Numerical simulation of the nitrogen boil-off recondensation in hybrid cooling devices for HPGe detectors

Abstract

This paper describes the results of a complex simulation of nitrogen boil-off recondensation in a hybrid cooling device for High Purity Germanium (HPGe) detectors. The OpenFOAM platform-based software was used. The proposed finite-volume axisymmetric 2D model combines cooling processes occurring in the considered three-phase medium, including a liquefier condenser (solid), nitrogen boil-off (gas) and the resulting condensate (liquid). At the beginning of the simulation condenser and gas temperatures are set above the condensation point while the end time is set such that the system reaches a quasi-steady state.
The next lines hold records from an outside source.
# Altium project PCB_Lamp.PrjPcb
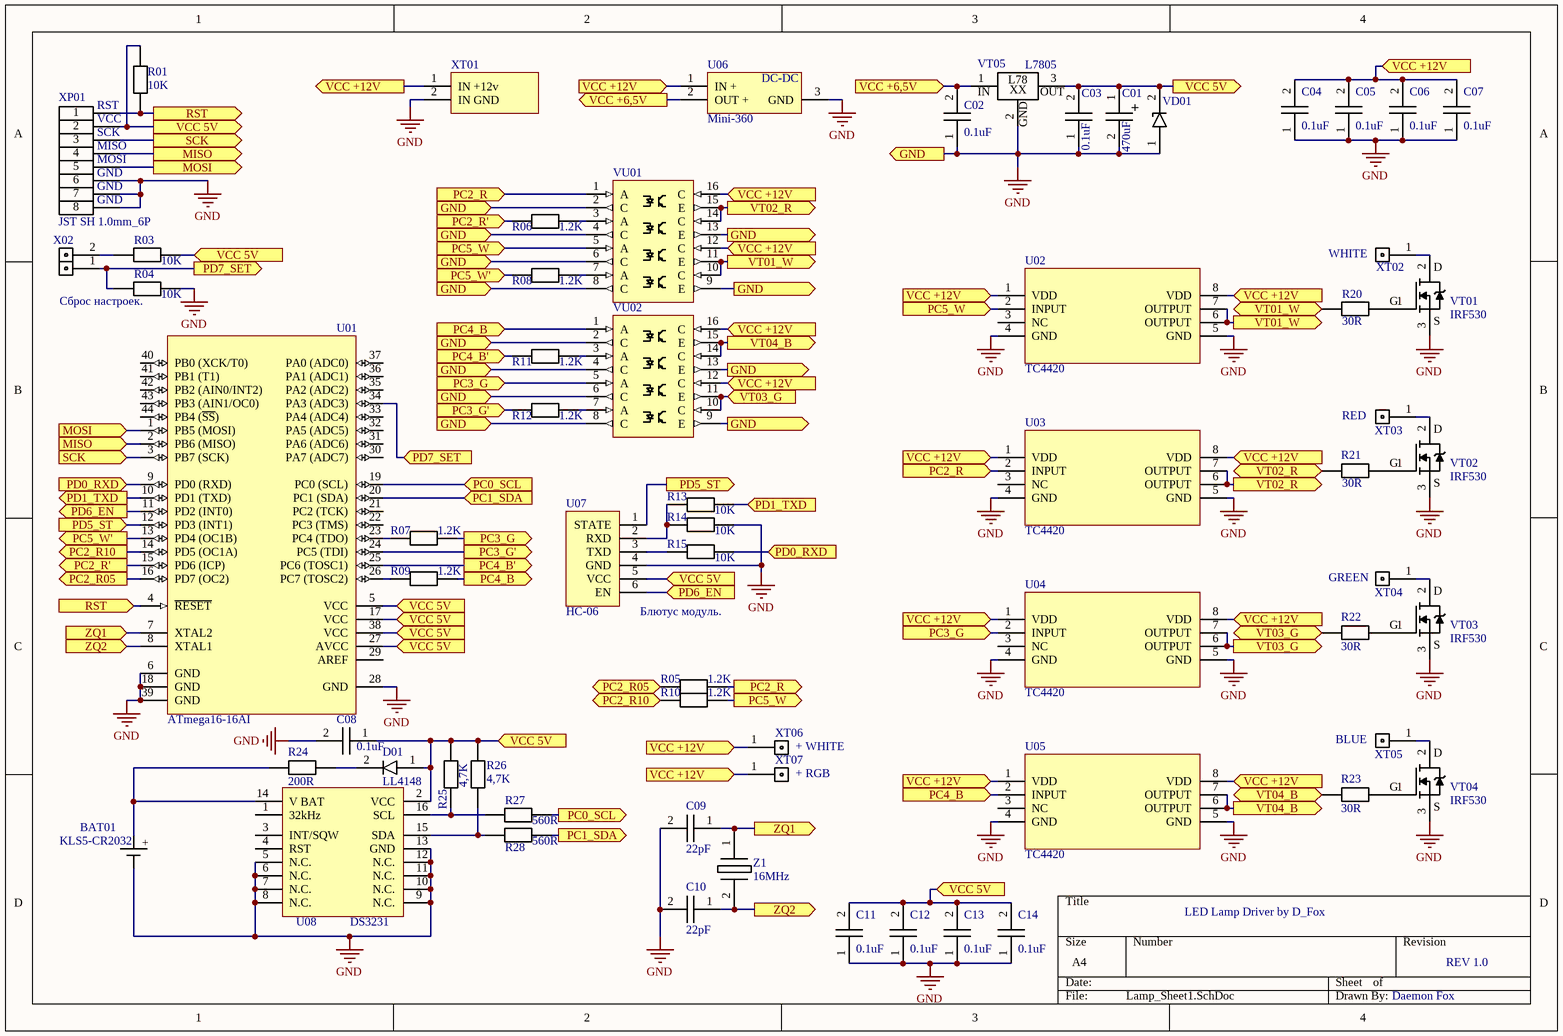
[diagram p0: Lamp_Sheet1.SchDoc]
1 sheet, 65 parts. Net scope: flat (ports and power ports of the same name join across sheets).
Board file: Lamp_PCB1.PcbDoc

## Sheet Lamp_Sheet1.SchDoc
size A4

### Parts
BAT01  KLS5-CR2032  [KLS5-CR2032]
C01  470uF  [cap_tantalum_d]
C02  0.1uF  [CAP_0805]
C03  0.1uF  [CAP_0805]
C04  0.1uF  [CAP_0805]
C05  0.1uF  [CAP_0805]
C06  0.1uF  [CAP_0805]
C07  0.1uF  [CAP_0805]
C08  0.1uF  [CAP_0805]
C09  22pF  [CAP_0805]
C10  22pF  [CAP_0805]
C11  0.1uF  [CAP_0805]
C12  0.1uF  [CAP_0805]
C13  0.1uF  [CAP_0805]
C14  0.1uF  [CAP_0805]
D01  LL4148  [LL4148]
R01  10K  [RES_0805]
R03  10K  [RES_0805]
R04  10K  [RES_0805]
R05  1.2K  [RES_0805]
R06  1.2K  [RES_0805]
R07  1.2K  [RES_0805]
R08  1.2K  [RES_0805]
R09  1.2K  [RES_0805]
R10  1.2K  [RES_0805]
R11  1.2K  [RES_0805]
R12  1.2K  [RES_0805]
R13  10K  [RES_0805]
R14  10K  [RES_0805]
R15  10K  [RES_0805]
R20  30R  [RES_1206]
R21  30R  [RES_1206]
R22  30R  [RES_1206]
R23  30R  [RES_1206]
R24  200R  [RES_0805]
R25  4,7K  [RES_0805]
R26  4,7K  [RES_0805]
R27  560R  [RES_0805]
R28  560R  [RES_0805]
U01  ATmega16-16AI  [My_44A_M]
U02  TC4420  [ATtiny13A]
U03  TC4420  [ATtiny13A]
U04  TC4420  [ATtiny13A]
U05  TC4420  [ATtiny13A]
U06  Mini-360  [Mini-360]
U07  HC-06  [HC-05/06]
U08  DS3231_DUP  [DS3231]  (value not drawn)
VD01  SMBJ5.0A  [SMBJ5.0A]  (value not drawn)
VT01  IRF530  [IRF530 - DUP]
VT02  IRF530  [IRF530 - DUP]
VT03  IRF530  [IRF530 - DUP]
VT04  IRF530  [IRF530 - DUP]
VT05  L7805  [L7805]
VU01  TLP281-4  [TLP281-4]  (value not drawn)
VU02  TLP281-4  [TLP281-4]  (value not drawn)
X02  PLS-2  [PLS-2 - DUP]  (value not drawn)
XP01  JST SH 1.0mm_6P  [JST SH 1.0mm 6P]
XT01  LED_12v_IN  [LED_12v_IN - DUP]  (value not drawn)
XT02  LED_12v_1  [LED_12v_1]  (value not drawn)
XT03  LED_12v_1  [LED_12v_1]  (value not drawn)
XT04  LED_12v_1  [LED_12v_1]  (value not drawn)
XT05  LED_12v_1  [LED_12v_1]  (value not drawn)
XT06  LED_12v_1  [LED_12v_1]  (value not drawn)
XT07  LED_12v_1  [LED_12v_1]  (value not drawn)
Z1  16MHz  [QUARTZ]

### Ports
GND (in), GND (out), MISO (in), MISO (out), MOSI (in), MOSI (out), PC0_SCL (in), PC0_SCL (out), PC1_SDA (in), PC1_SDA (out), PC2_R05 (in), PC2_R05 (out), PC2_R10 (in), PC2_R10 (out), PC2_R (in), PC2_R (out), PC2_R' (in), PC2_R' (out), PC3_G (in), PC3_G (out), PC3_G' (in), PC3_G' (out), PC4_B (in), PC4_B (out), PC4_B' (in), PC4_B' (out), PC5_W (in), PC5_W (out), PC5_W' (in), PC5_W' (out), PD0_RXD (in), PD1_TXD (in), PD1_TXD (out), PD5_ST (in), PD5_ST (out), PD6_EN (in), PD6_EN (out), PD7_SET (in), PD7_SET (out), RST (in), RST (out), SCK (in), SCK (out), VCC 5V (in), VCC 5V (out), VCC +6,5V (in), VCC +6,5V (out), VCC +12V (in), VCC +12V (out), VT01_W (in), VT01_W (out), VT02_R (in), VT02_R (out), VT03_G (in), VT03_G (out), VT04_B (in), VT04_B (out), ZQ1 (in), ZQ1 (out), ZQ2 (in), ZQ2 (out)

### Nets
GND: BAT01.2 C01.2 C02.1 C03.1 C04.1 C05.1 C06.1 C07.1 C08.2 C09.2 C10.2 C11.1 C12.1 C13.1 C14.1 R04.2 R14.2 U01.6(GND) U01.18(GND) U01.28(GND) U01.39(GND) U02.4(GND) U02.5(GND) U03.4(GND) U03.5(GND) U04.4(GND) U04.5(GND) U05.4(GND) U05.5(GND) U06.3(GND) U07.4(GND) U08.5(N.C.) U08.6(N.C.) U08.7(N.C.) U08.8(N.C.) U08.9(N.C.) U08.10(N.C.) U08.11(N.C.) U08.12(N.C.) U08.13(GND) VD01.1 VT01.3 VT02.3 VT03.3 VT04.3 VT05.2 VU01.2(C) VU01.4(C) VU01.6(C) VU01.8(C) VU01.9(E) VU01.13(E) VU02.2(C) VU02.4(C) VU02.6(C) VU02.8(C) VU02.9(E) VU02.13(E) XP01.6 XP01.7 XP01.8 XT01.2(IN_GND) ; port GND
NetBAT01_1: BAT01.1 R24.1 U08.14(V_BAT)
NetC01_1: C01.1 C03.2 C08.1 C11.2 C12.2 C13.2 C14.2 D01.1 R01.2 R03.2 R25.2 R26.2 U01.5(VCC) U01.17(VCC) U01.27(AVCC) U01.38(VCC) U07.5(VCC) U08.2(VCC) VD01.2 VT05.3 XP01.2 ; port VCC 5V
NetC02_2: C02.2 U06.2(OUT_+) VT05.1 ; port VCC +6,5V
NetC04_2: C04.2 C05.2 C06.2 C07.2 U02.1(VDD) U02.8(VDD) U03.1(VDD) U03.8(VDD) U04.1(VDD) U04.8(VDD) U05.1(VDD) U05.8(VDD) U06.1(IN_+) VU01.12(C) VU01.16(C) VU02.12(C) VU02.16(C) XT01.1(IN_+12v) XT06.1 XT07.1 ; port VCC +12V
NetC09_1: C09.1 U01.7(XTAL2) Z1.1 ; port ZQ1
NetC10_1: C10.1 U01.8(XTAL1) Z1.2 ; port ZQ2
NetD01_2: D01.2 R24.2
NetR01_1: R01.1 U01.4(~{RESET}) XP01.1 ; port RST
NetR03_1: R03.1 X02.2
NetR04_1: R04.1 U01.34(PA3_(ADC3)) X02.1 ; port PD7_SET
NetR05_1: R05.1 U01.16(PD7_(OC2)) ; port PC2_R05
NetR05_2: R05.2 U03.2(INPUT) VU01.1(A) ; port PC2_R
NetR06_1: R06.1 U01.15(PD6_(ICP)) ; port PC2_R'
NetR06_2: R06.2 VU01.3(A)
NetR07_1: R07.1 U01.23(PC4_(TDO))
NetR07_2: R07.2 U04.2(INPUT) VU02.5(A) ; port PC3_G
NetR08_1: R08.1 U01.13(PD4_(OC1B)) ; port PC5_W'
NetR08_2: R08.2 VU01.7(A)
NetR09_1: R09.1 U01.26(PC7_(TOSC2))
NetR09_2: R09.2 U05.2(INPUT) VU02.1(A) ; port PC4_B
NetR10_1: R10.1 U01.14(PD5_(OC1A)) ; port PC2_R10
NetR10_2: R10.2 U02.2(INPUT) VU01.5(A) ; port PC5_W
NetR11_1: R11.1 U01.25(PC6_(TOSC1)) ; port PC4_B'
NetR11_2: R11.2 VU02.3(A)
NetR12_1: R12.1 U01.24(PC5_(TDI)) ; port PC3_G'
NetR12_2: R12.2 VU02.7(A)
NetR13_1: R13.1 R14.1 U07.2(RXD)
NetR13_2: R13.2 U01.10(PD1_(TXD)) ; port PD1_TXD
NetR15_1: R15.1 U07.3(TXD)
NetR15_2: R15.2 U01.9(PD0_(RXD)) ; port PD0_RXD
NetR20_1: R20.1 U02.6(OUTPUT) U02.7(OUTPUT) VU01.10(C) VU01.11(E) ; port VT01_W
NetR20_2: R20.2 VT01.1
NetR21_1: R21.1 U03.6(OUTPUT) U03.7(OUTPUT) VU01.14(C) VU01.15(E) ; port VT02_R
NetR21_2: R21.2 VT02.1
NetR22_1: R22.1 U04.6(OUTPUT) U04.7(OUTPUT) VU02.10(C) VU02.11(E) ; port VT03_G
NetR22_2: R22.2 VT03.1
NetR23_1: R23.1 U05.6(OUTPUT) U05.7(OUTPUT) VU02.14(C) VU02.15(E) ; port VT04_B
NetR23_2: R23.2 VT04.1
NetR25_1: R25.1 R27.1 U08.16(SCL)
NetR26_1: R26.1 R28.1 U08.15(SDA)
NetR27_2: R27.2 U01.19(PC0_(SCL)) ; port PC0_SCL
NetR28_2: R28.2 U01.20(PC1_(SDA)) ; port PC1_SDA
NetU01_1: U01.1(PB5_(MOSI)) XP01.5 ; port MOSI
NetU01_2: U01.2(PB6_(MISO)) XP01.4 ; port MISO
NetU01_3: U01.3(PB7_(SCK)) XP01.3 ; port SCK
NetU01_11: U01.11(PD2_(INT0)) U07.6(EN) ; port PD6_EN
NetU01_12: U01.12(PD3_(INT1)) U07.1(STATE) ; port PD5_ST
NetVT01_2: VT01.2 XT02.1
NetVT02_2: VT02.2 XT03.1
NetVT03_2: VT03.2 XT04.1
NetVT04_2: VT04.2 XT05.1

Not connected (* = marked no-connect by the designer): U01 21(PC2_(TCK)) 22(PC3_(TMS)) 29(AREF) 30(PA7_(ADC7)) 31(PA6_(ADC6)) 32(PA5_(ADC5)) 33(PA4_(ADC4)) 35(PA2_(ADC2)) 36(PA1_(ADC1)) 37(PA0_(ADC0)) 40(PB0_(XCK/T0)) 41(PB1_(T1)) 42(PB2_(AIN0/INT2)) 43(PB3_(AIN1/OC0)) 44(PB4_(~{SS})); U02 3(NC); U03 3(NC); U04 3(NC); U05 3(NC); U08 1(32kHz) 3(INT/SQW) 4(RST)

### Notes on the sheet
- (near R04) Сброс настроек.
- WHITE
- RED
- GREEN
- (near U07) Блютус модуль.
- + WHITE
- + RGB
- BLUE
- LED Lamp Driver by D_Fox
- REV 1.0
- Daemon Fox

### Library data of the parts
BAT01 = KLS5-CR2032: Батарейный отсек на 1xCR2032
C01 = 470uF 10v_D: CAPACITOR Tantalium Type D 470uF 10v
C02 C03 C04 C05 C06 C07 C08 C09-C14 = CAP 0805: CAP 0805 SMD
D01 = LL4148: Diod SOD80 200mA 100V
R01 R03 R04 R05 R06 R07 R08 R09-R15 R24-R28 = RES 0805
R20-R23 = RES 1206: RES 1206 by DFox
U01 = ATmega16-16AI: AVR 16K Bytes of In-System Programmable Flash Memory
U02 U03 U04 U05 = TC4420: HIGH-SPEED MOSFET  DRIVERS
U06 = Mini-360: Mini360, понижающий модуль, с 4,75 в-23 в до 1 В-17 в, 17x11x3,8 мм
U07 = HC-05/06: Bluetooth модуль HC-06 slave; HC-05 master/slave.
U08 = DS3231_DUP: Часы реального времени
VD01 = SMBJ5.0A: Защитный диод, 500Вт, 5В, [DO-214AA]
VT01 VT02 VT03 VT04 = IRF530: IRF530 N-канал, 100в, 15А, TO-220AB
VT05 = L7805: Стабилизатор напряжения +5В, 1.5А, TO-220
XP01 = JST SH 1.0mm_6P: JST SH 1.0mm 6P
Z1 = QUARTZ: quartz crystal resonator

For conical and hemispherical condensers, the energy consumption for the following processes occurring in the operating mode such as: condenser cooling; cooling of adjacent boil-off nitrogen vapors; their condensation; the gravity-driven flowing; condensate film subcooling and subsequent partial re-evaporation from its surface are compared. The visualizations of the temperature field of the finite-volume model and the velocity vectors of nitrogen vapors adjacent to the condenser are presented. The calculated integral mass recondensation rates were confirmed experimentally on a commercial hybrid cooling device, taking into account the actual equivalent characteristics of the liquefier on the Stirling cryocooler used.